もしくは、悪意はなかったとしても抱きついちゃったから?
「まさかっ!お触り代金とられるとか!」
うっわー!まずい!給料日前だからお財布にお金そんな入ってないよー!
などなど頭を抱えてパニック状態。
「お前なにしてんの?」
「えっ、あっ!その今日はあまりお金もってないなーとか?」
「はぁ?」
「えっと……その、あの……お触り代が、その」
「なに訳わかんねぇこと言ってんだ、ほらコレ飲んで少し落ち着け」
4人掛けの丸いテーブル、廣瀬さんは私の前ではなく横に座り、ホカホカと湯気の立ったミルクティーを差し出した。
「ありがとうございます」
コクコク……はふぅ~、美味しい。
「自販機のミルクティーに、そんな満面の笑み浮かべるヤツ初めて見た」
「このメーカーのミルクティーは美味しいんですよ、そこらの味とは違うんですっ」
カップを得意げにかざしてドヤ顔の私を少し呆れたような顔でじっと見つめていたかと思ったら、ふっと安心したような小さな溜息をついて、そしてとても優しい顔に変わった。
「その元気なら大丈夫そうだな」
「えっ?」
「一瞬気を失っただろ?」
そっか!あの時、私は気を失ったのか。

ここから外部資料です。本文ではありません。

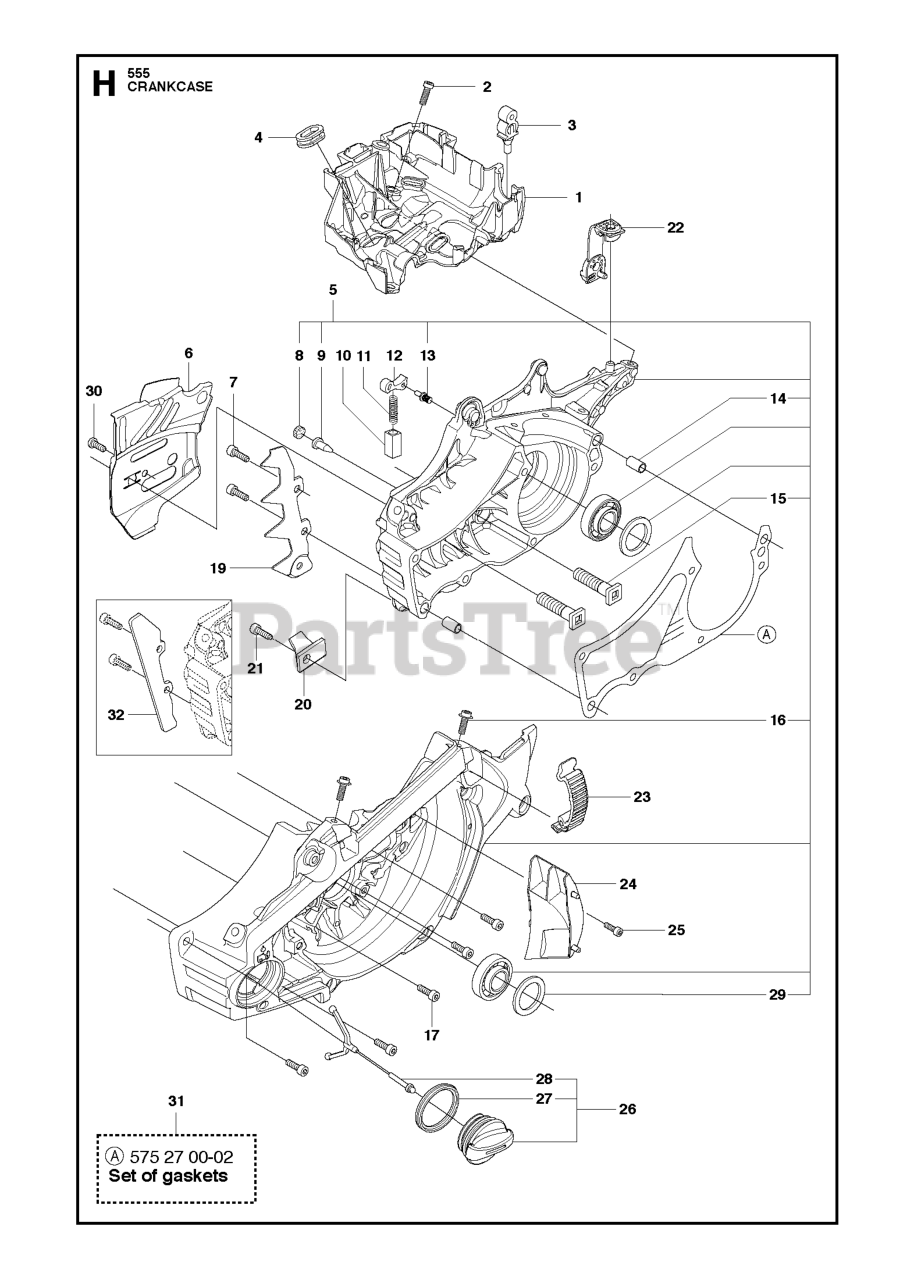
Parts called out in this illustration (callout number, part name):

と言うことは?もしかして、もしかしなくても、私を心配してココに連れて来てくれた?
(ええぇー!あの廣瀬さんが?鬼のリーダーが!?)
「お前、百面相が特技なのか?」
クスクス笑いながら私をのぞき込むその瞳の中に……まただ、またあのキラキラした何かが映っている。
「ちょっと失礼します」
その光る物体が何なのか?どうにも我慢できなくなった私は、自分の人差し指と親指を廣瀬さんの瞼に合わせて、ぐいいーんと引っ張り瞳の中を覗いた。
「なっ、なにすんだ!」
「あれ?消えちゃった」
「何なんだお前は……」
私はさっき起きた出来事を話した。気を失ったように見えたかも知れないけど実は違うこと、廣瀬さんの瞳の中に何かがある事。
「んなわけねぇーだろ!そんなもんがあったらまず俺自身が気付くだろ」
「ですよねぇ……」
「つーか、この俺の目ん玉を許可なくいじくるとは、お前大した度胸だな」
「度胸というより好奇心?わからない事や疑問に思った事をそのままにしてはいけないって研修でも言われましたし」
「……」
「でも何なんでしょう、本当に不思議です」
「俺はお前の思考回路の方が不思議だよ」
「未知の生物みたいな言い方して……もぅ!」
「違うのか?」
ぷっ!あははは!
二人で声をあげて笑いだした。
いつも凛としたオーラで誰もそばに寄せ付けず、鋭い目つきで睨んだだけで敵を倒してしまう様な怖い人、そんなイメージの廣瀬さんだったけど。いま私の目の前で笑っている廣瀬さんは、とても優しい顔をしていた。
「お前さぁ、目を開けたまま意識飛ばすの他でやるんじゃねぇぞ?妖怪と間違えられるからな」
「なっ!」
「おもれぇ顔だったぜ?」
本当は凄く優しい人なのかも?なぁーんてチラッとでも思った私が間違っていた!